阿爾德裡安雖然不肯叫出口,但是在他以為自己會得到一頓鞭打或者被剝奪翅翼的恥辱時,來自尤裡斯的吻以及一個軟綿綿的小蛋糕不着痕迹的化開了他心底那塊凍硬的冰。
阿爾德裡安擡眼瞧了一眼坐在沙發上的尤裡斯,他以往亮瑩瑩的雙眸此刻卻蒙上一層水霧,這層水霧在朦胧間軟化了阿爾德裡安豎起的棱角,讓這隻嚣張的雌蟲顯得格外柔軟可親,就像此刻這塊被他捧在手上的小蛋糕,總想讓蟲去咬一口、含在嘴裡品上一品。
可這塊迷人的小蛋糕還沒有自覺。
他擡起赤紅的雙眸視線偏偏透過這層朦胧水霧落在氣定神閑的尤裡斯身上,在這層朦胧中阿爾德裡安卻愈發認為,自己家裡這個硬梆梆的沙發配不上尤裡斯,這隻金尊玉貴的雄蟲他應該被藏在金銀細軟中、藏在花團錦簇中、藏在自己的柔軟的掌心中。
尤裡斯瞧着阿爾德裡安這副呆愣愣的模樣,身後的尾勾都愉悅的開始打轉,繞着圈訴說着對阿爾德裡安的喜愛。
“少将,你不嘗嘗嗎?我做了一下午。”
尤裡斯開口打破了這股充滿暧昧的甯靜,雖然他也喜歡看阿爾德裡安這副還沉浸在情欲的餘韻中的迷糊,但更希望看見阿爾德裡安會不會喜歡這塊小蛋糕,好從中琢磨出阿爾德裡安的口味。
尤裡斯就看見,這隻迷糊的雌蟲彷佛成了聽見指令才能動彈的機器人,慢慢的低頭輕輕咬了一口小蛋糕,才含着嘴裡慢慢品化。
半晌,才從喉嚨裡擠出一句低不可聞的:“好吃。”
尤裡斯走過去,蹲在阿爾德裡安的面前,手不由自主的搭在阿爾德裡安的頭上,有一下沒一下的撫摸,就連那根尾勾也緊緊貼着阿爾德裡安的皮膚上,順着腿骨圈在阿爾德裡安的小腿上,牢牢的環成一個不可逃脫的圈。
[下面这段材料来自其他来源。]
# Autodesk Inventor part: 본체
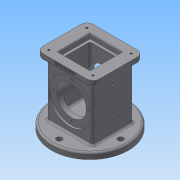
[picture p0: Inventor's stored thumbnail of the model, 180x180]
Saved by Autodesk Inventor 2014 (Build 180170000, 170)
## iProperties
Created: 2018-10
Part Number: 본체
Material: Generic
Document SubType Name: Modeling
Designer: Administrator
Density: 1 g/cm^3
Appearance: Default
Author: Administrator
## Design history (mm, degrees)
sketch "스케치1"
  geometry: L1 (-37, -33)-(37, -33); L2 (37, -33)-(37, 33); L3 (37, 33)-(-37, 33); L4 (-37, 33)-(-37, -33); L5 (-37, -33)-(37, 33); L6 (37, -33)-(-37, 33); 1 further point
  constraints: 12 end point, 2 midpoint, 2 parallel, 1 horizontal, 1 perpendicular
  dimensions: "d0" = 74 distance of L2.end L3.end; "d1" = 66 distance of L1.end L2.end
extrude "돌출1" new body sketch "스케치1" distance "d2" = 88; taper "d3" = 0 deg
sketch "스케치2"
  geometry: C1 r 62.5 at (0, 0); 1 further point
  constraints: 1 centre point, 1 coincident
  dimensions: "d4" = 125 diameter of C1
extrude "돌출2" join sketch "스케치2" distance "d5" = 10; taper "d6" = 0 deg
sketch "스케치3"
  geometry: L1 (-46, -41)-(46, -41); L2 (46, -41)-(46, 41); L3 (46, 41)-(-46, 41); L4 (-46, 41)-(-46, -41); L5 (-46, -41)-(46, 41); L6 (46, -41)-(-46, 41); 1 further point
  constraints: 12 end point, 2 midpoint, 2 parallel, 1 horizontal, 1 perpendicular
  dimensions: "d7" = 92 distance of L2.end L3.end; "d8" = 82 distance of L1.end L2.end
extrude "돌출3" join sketch "스케치3" distance "d9" = 10; taper "d10" = 0 deg
fillet "모깎기1" dims "d11" = 10
sketch "스케치4"
  geometry: L1 (0, 0)-(74, 0) reference; L2 (-25.5, -10)-(99.5, -10) reference; C1 r 35 at (37, 44); 2 further points
  constraints: 1 centre point, 1 midpoint, 1 vertical alignment
  dimensions: "d12" = 70 diameter of C1; "d13" = 54 distance from line of L2 C1.centre
extrude "돌출4" cut sketch "스케치4" distance "d14" = 3; taper "d15" = 0 deg
sketch "스케치5"
  geometry: C1 r 35 at (0, 0) reference; C2 r 24 at (0, 0); 1 further point
  constraints: 1 centre point, 1 coincident
  dimensions: "d16" = 48 diameter of C2
extrude "돌출5" cut sketch "스케치5" stored distance "d17" = 3; taper "d18" = 0 deg
sketch "스케치6" dims "d19" = 58
  geometry: C1 r 24 at (0, 0) reference; C2 r 35 at (0, 0) reference; 3 further points
  constraints: 2 vertical alignment, 1 coincident, 2 other
hole "구멍1" sketch "스케치6" at (0, 29) diameter "d20" = 3.242; stored, may be unused: countersink angle "d24" = 90 deg, drill point angle "d26" = 118 deg; dims "d21" = 4, "d22" = 4, "d23" = 2, "d25" = 6
sketch "스케치7"
  geometry: L1 (-26, -26)-(26, -26); L2 (26, -26)-(26, 26); L3 (26, 26)-(-26, 26); L4 (-26, 26)-(-26, -26); L5 (-26, -26)-(26, 26); L6 (26, -26)-(-26, 26); 1 further point
  constraints: 12 end point, 2 midpoint, 2 parallel, 1 horizontal, 1 perpendicular
  dimensions: "d30" = 52 distance of L2.end L3.end; "d31" = 52 distance of L1.end L2.end
extrude "돌출6" cut sketch "스케치7" distance "d32" = 8; taper "d33" = 0 deg
sketch "스케치8"
  geometry: L1 (-22, -22)-(22, -22); L2 (22, -22)-(22, 22); L3 (22, 22)-(-22, 22); L4 (-22, 22)-(-22, -22); L5 (-22, -22)-(22, 22); L6 (22, -22)-(-22, 22); 1 further point
  constraints: 12 end point, 2 midpoint, 2 parallel, 1 horizontal, 1 perpendicular
  dimensions: "d34" = 44 distance of L2.end L3.end; "d35" = 44 distance of L1.end L2.end
extrude "돌출7" cut sketch "스케치8" distance "d36" = 74; taper "d37" = 0 deg
sketch "스케치9"
  geometry: C1 r 62.5 at (0, 0) reference; C2 r 28 at (0, 0)
  constraints: 1 centre point, 1 coincident
  dimensions: "d38" = 56 diameter of C2
extrude "돌출8" cut sketch "스케치9" distance "d39" = 18; taper "d40" = -10 deg
sketch "스케치10" dims "d41" = 100
  geometry: C1 r 28 at (0, 0) reference; C2 r 62.5 at (0, 0) reference; 2 further points
  constraints: 2 vertical alignment, 1 coincident, 2 other
hole "구멍2" sketch "스케치10" at (0, 50) diameter "d42" = 9; stored, may be unused: countersink angle "d46" = 90 deg, drill point angle "d48" = 118 deg; dims "d43" = 4, "d44" = 4, "d45" = 2, "d47" = 6
hole "구멍3" diameter "d54" = 3.242; stored, may be unused: countersink angle "d58" = 90 deg, drill point angle "d60" = 118 deg; dims "d52" = 10, "d53" = 10, "d55" = 4, "d56" = 4, "d57" = 2, "d59" = 6
hole "구멍4" diameter "d63" = 3.242; stored, may be unused: countersink angle "d67" = 90 deg, drill point angle "d69" = 118 deg; dims "d61" = 10, "d62" = 10, "d64" = 4, "d65" = 4, "d66" = 2, "d68" = 6
hole "구멍5" diameter "d72" = 3.242; stored, may be unused: countersink angle "d76" = 90 deg, drill point angle "d78" = 118 deg; dims "d70" = 10, "d71" = 10, "d73" = 4, "d74" = 4, "d75" = 2, "d77" = 6
hole "구멍6" diameter "d81" = 3.242; stored, may be unused: countersink angle "d85" = 90 deg, drill point angle "d87" = 118 deg; dims "d79" = 10, "d80" = 10, "d82" = 4, "d83" = 4, "d84" = 2, "d86" = 6
fillet "모깎기2" dims "d89" = 3
sketch "스케치12"
  geometry: L1 (72, -7)-(0, -7) reference; L2 (-10, 0)-(-10, -7) reference; 2 further points
  constraints: 1 other
  dimensions: "d90" = 46 distance from line of L2 point (36, -3); "d91" = 4 distance from line of L1 point (36, -3)
feature "엠보싱1" sketch "스케치12" dims "d0" = 74, "d1" = 66, "d92" = 0.5, "d93" = 0
sketch "스케치13"
  geometry: L1 (0, 0)-(66, 0) reference; L2 (0, 0)-(0, 88) reference; L3 (33, 27)-(33, 70); L4 (-29.5, -10)-(95.5, -10) reference; 4 further points
  constraints: 2 coincident, 2 end point, 1 midpoint, 1 parallel, 1 vertical alignment
  dimensions: "d94" = 37 distance from line of L4 L3.start; "d95" = 43 distance of L3.start L3.end
hole "구멍7" sketch "스케치13" at (33, 27), (33, 70) diameter "d96" = 4.134; stored, may be unused: countersink angle "d100" = 90 deg, drill point angle "d102" = 118 deg; dims "d97" = 4, "d98" = 4, "d99" = 2, "d101" = 20
fillet "모깎기3" dims "d103" = 3
fillet "모깎기4" dims "d104" = 3
fillet "모깎기5" dims "d105" = 3
chamfer "모따기1" distance "d106" = 1; stored, may be unused: second distance "d107" = 2, angle "d108" = 45 deg
fillet "모깎기6" dims "d109" = 3
node "솔리드1"
mirror "대칭1"
pattern_circular "원형 패턴1" dims angle "d28" = 360 deg
mirror "대칭2"
pattern_circular "원형 패턴2" dims angle "d50" = 360 deg

做完這一切,尤裡斯才低頭抵住阿爾德裡安的肩窩,帶着滿意的餍足嘀咕道:“你喜歡就好。”他又恢複那副蟲畜無害的模樣。
乖巧的像是從來沒做過逾矩的動作一般。
尤裡斯就靠在阿爾德裡安的肩膀上,偏過頭看着阿爾德裡安一口一口吃下自己做的食物,咀嚼的動作、吞咽的食管以及振動的胸腔讓尤裡斯就這麼靜靜看着也充滿說不出來的滿足。
尤裡斯并沒有打擾阿爾德裡安的進食,等道阿爾德裡安乖乖吃完後,才徹底卸力懶洋洋的依靠在阿爾德裡安身上,一雙不安分的手連同尾勾在抑制環周圍打轉。
“阿爾德裡安,你親親我,我給你解開。”
阿爾德裡安望進那雙帶着誘哄的眼睛裡,靠在他身上的尤裡斯懶洋洋的渾身沒勁似的全依在他的懷裡,隻是那條漆黑的尾勾不似主人般無力牢牢箍在自己腿上,肆無忌憚的宣誓着占有欲。
尤裡斯閉上眼,粉嘟嘟的唇微張像是等待着他的靠近,那副任蟲拿捏的樣子誘騙着蟲去親吻,去占據主導權,但是一旦上當尤裡斯立刻就會反客為主逼的他隻能乖乖的張開嘴,任蟲采摘。
哪怕尤裡斯閉上了雙眼,阿爾德裡安害怕跌進他幽深的綠眸中,輕輕的以覆蓋寶藏般的力道一手蓋住尤裡斯的眼,他做着心理安慰不斷的告知自己:我隻是想要打開抑制環,并沒有想要親他。
尤裡斯一時失察被阿爾德裡安蓋住了眼睛,視線被遮蓋而其它的感官卻因此變得更加敏感,甚至能聽見阿爾德裡安吞咽的聲音,尤裡斯于是将微啟的唇更加張開一些,隻等這隻雌蟲的上鈎。
尤裡斯濃密到似乎小蒲扇般的眼睫毛在阿爾德裡安手心中來滬撲棱彷佛在配合這那張微啟還帶着唇珠的唇一起叫嚣着:你快吻我。
尤裡斯等了半晌,遲遲沒等到來自阿爾德裡安的吻,有些不耐煩的微微掙紮想要掀開遮蔽着自己雙眼的手,瞧一瞧阿爾德裡安在幹嘛,卻被阿爾德裡安按住肩,束縛着他的行動。
一個來自他雌君的吻慢慢落在了尤裡斯的眉心。
尤裡斯立馬反手掙開阿爾德裡安蓋住自己眼的手,扣在懷裡笑盈盈的說道:“你作弊。”
阿爾德裡安卻義正言辭起來:“閣下,事先并沒有指明我應該親您的唇。”他微微一笑,那笑容破開冷硬的底色帶着點獨屬于阿爾德裡安的乖張:“這不算作弊,最多隻能算個...小聰明。”
尤裡斯沒和阿爾德裡安争辯,其實無論阿爾德裡安怎麼選,他都會為他打開那個禁锢他的抑制環。
尤裡斯一向都舍不得自己在乎的人,不,蟲受苦。
現在這樣,他還賺取了一個小心翼翼的眉間吻。
尤裡斯故作吃虧的模樣,誇張的講:“好吧好吧,我說不過你。”其實心底早已被滿足與開心填滿。
尤裡斯摸着那枚漆黑猙狑的抑制環,一股雨後山間青松味信息素一點點在這個屋子裡彌散開來,尤裡斯引導着這股信息素灌入抑制環裡。